A number of experiments were conducted to minimize the formation of byproduct 27 arising from premature quenching of the coupled radical.¹² Removal of i-Pr₂EtN, which was expected to minimize amine-mediated reduction of intermediate ‘A’ to its corresponding enolate,^7b reduced formation of byproduct 27 (entry 2). However, as intermediate ‘A’ can also be quenched by hydrogen-atom transfer from the Hantzsch ester,^7b this pathway also needed attenuation. Employing 4,4-dideuterio Hantzsch ester in the absence of i-Pr₂EtN (entry 3), which was expected to minimize hydrogen-atom transfer to the initially generated coupled radical, significantly decreased the formation of product 27, increasing the combined yield of ACF products 25 and 26 to 70% yield. Attempts thus far to improve the ratio of epimeric products 25/26 have been less successful.¹² This ratio was slightly improved in reactions conducted in acetonitrile (entry 4), allowing product 25 to be formed in 28% yield (by ¹H NMR with internal standard) and isolated in 27% yield.

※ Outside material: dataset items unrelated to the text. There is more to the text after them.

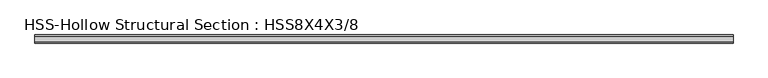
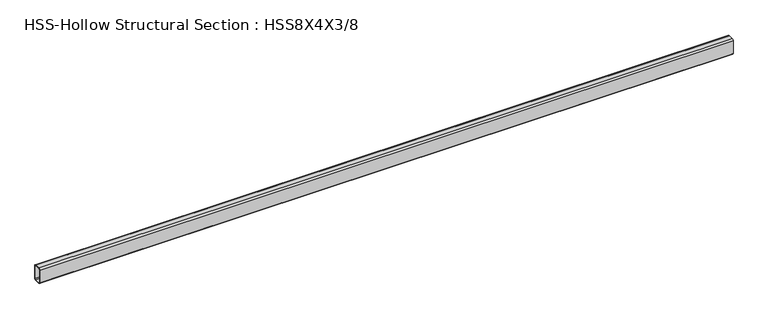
"""IFC4 building model written with IfcOpenShell, lengths in millimetres: beam geometry, HSS-Hollow Structural Section : HSS8X4X3/8."""

from ifc_helpers import new_model, si_unit, point, frame, frame_2d, origin, place, context, project, spatial, polyline, circle_curve, trimmed, segment, composite_curve, outline, extrude, source, transform, mapped, element, save


def hss_hollow_structural_section_hss8x4x3_8_b920de6b(model_context):
    return source(origin(), model_context, "Body", "SweptSolid", [
        extrude(outline(composite_curve([segment(polyline([(50.8, 83.8708), (50.8, -83.8708)]), True, "CONTINUOUS"), segment(trimmed(circle_curve(frame_2d((33.0708, -83.8708)), 17.7292), [point((50.8, -83.8708))], [point((33.0708, -101.6))], False, "CARTESIAN"), True, "CONTINUOUS"), segment(polyline([(33.0708, -101.6), (-33.0708, -101.6)]), True, "CONTINUOUS"), segment(trimmed(circle_curve(frame_2d((-33.0708, -83.8708)), 17.7292), [point((-33.0708, -101.6))], [point((-50.8, -83.8708))], False, "CARTESIAN"), True, "CONTINUOUS"), segment(polyline([(-50.8, -83.8708), (-50.8, 83.8708)]), True, "CONTINUOUS"), segment(trimmed(circle_curve(frame_2d((-33.0708, 83.8708)), 17.7292), [point((-50.8, 83.8708))], [point((-33.0708, 101.6))], False, "CARTESIAN"), True, "CONTINUOUS"), segment(polyline([(-33.0708, 101.6), (33.0708, 101.6)]), True, "CONTINUOUS"), segment(trimmed(circle_curve(frame_2d((33.0708, 83.8708)), 17.7292), [point((33.0708, 101.6))], [point((50.8, 83.8708))], False, "CARTESIAN"), True, "CONTINUOUS")], self_intersect=False), holes=[composite_curve([segment(trimmed(circle_curve(frame_2d((-33.0708, 83.8708)), 8.8646), [point((-33.0708, 92.7354))], [point((-41.9354, 83.8708))], True, "CARTESIAN"), True, "CONTINUOUS"), segment(polyline([(-41.9354, 83.8708), (-41.9354, -83.8708)]), True, "CONTINUOUS"), segment(trimmed(circle_curve(frame_2d((-33.0708, -83.8708)), 8.8646), [point((-41.9354, -83.8708))], [point((-33.0708, -92.7354))], True, "CARTESIAN"), True, "CONTINUOUS"), segment(polyline([(-33.0708, -92.7354), (33.0708, -92.7354)]), True, "CONTINUOUS"), segment(trimmed(circle_curve(frame_2d((33.0708, -83.8708)), 8.8646), [point((33.0708, -92.7354))], [point((41.9354, -83.8708))], True, "CARTESIAN"), True, "CONTINUOUS"), segment(polyline([(41.9354, -83.8708), (41.9354, 83.8708)]), True, "CONTINUOUS"), segment(trimmed(circle_curve(frame_2d((33.0708, 83.8708)), 8.8646), [point((41.9354, 83.8708))], [point((33.0708, 92.7354))], True, "CARTESIAN"), True, "CONTINUOUS"), segment(polyline([(33.0708, 92.7354), (-33.0708, 92.7354)]), True, "CONTINUOUS")], self_intersect=False)]), frame((-4360.8514757, 0.0, 0.0), z_axis=(1.0, 0.0, 0.0), x_axis=(0.0, 1.0, 0.0)), (0.0, 0.0, 1.0), 8712.2373991),
    ])


if __name__ == "__main__":
    model = new_model("IFC4")
    model_context = context("Model", 3, world=origin())
    ifc_project = project(units=[si_unit("LENGTHUNIT", "METRE", prefix="MILLI")], contexts=[model_context])
    site = spatial("IfcSite", under=ifc_project)
    building = spatial("IfcBuilding", under=site)
    placement = place(None, origin())
    hss_hollow_structural_section_hss8x4x3_8_shape = hss_hollow_structural_section_hss8x4x3_8_b920de6b(model_context)
    element("IfcBeam", 1, ObjectType="HSS-Hollow Structural Section : HSS8X4X3/8", at=placement, inside=building, context=model_context, shape_type="MappedRepresentation", body=[
        mapped(hss_hollow_structural_section_hss8x4x3_8_shape, transform((0.0, 0.0, 0.0), x_axis=(1.0, 0.0, 0.0), y_axis=(0.0, 1.0, 0.0), z_axis=(0.0, 0.0, 1.0))),
    ])
    save(model, "model.ifc")

As summarized in Scheme 4, cascade product 25 was readily transformed to (−)-chromodorolide B (1). Reduction of the lactone carbonyl of 25 with (i-Bu)₂AlH at −78 °C and in situ acetylation with Ac₂O and DMAP afforded the acetoxy acetal as a single epimer at C-15. ¹H NOE correlations between the C-17 and C-15 methine hydrogens revealed that the acetoxy group was oriented α.²⁵ Following removal of the benzyl protecting group, the trisubstituted double bond was hydrogenated selectively (dr > 20:1) from the face opposite the angular methyl group to yield product 29 in 68% overall yield from 25. Without purifying subsequent intermediates, 29 was oxidized to carboxylic acid 30, which upon exposure to 4 M HCl in THF at room temperature underwent acetonide deprotection and lactonization to form lactol 31. Exhaustive acetylation of this triol gave (−)-chromodorolide B (1), [α]_D = −66.8 (c = 0.12, CH₂Cl₂), in 49% overall yield from intermediate 29. This product showed ¹H and ¹³C NMR data and optical rotation in close accord to those reported for a natural sample.^1b,c In addition, synthetic 1 provided single crystals, which allowed the structure of chromodorolide B to be unambiguously confirmed by X-ray analysis.^20c

Scheme 4.

In summary, the enantioselective total synthesis of (−)-chromodorolide B (1) was completed in 21 steps and 1.2% overall yield from commercially available enedione 15. An unprecedented photoredox radical cascade reaction allowed butenolide and trans-hydrindane fragments to be combined while forming two C–C bonds and stereoselectively creating three of the ten contiguous stereocenters of 1. As with almost all first total syntheses of a unique and structurally complex natural product, several aspects of the synthetic route can be improved upon. Towards this end, our current efforts focus on discovering the origins of diastereoselectivity of both Csp³–Csp³ bond-forming steps in the radical cascade and improving the diastereoselectivity of the 5-exo cyclization step.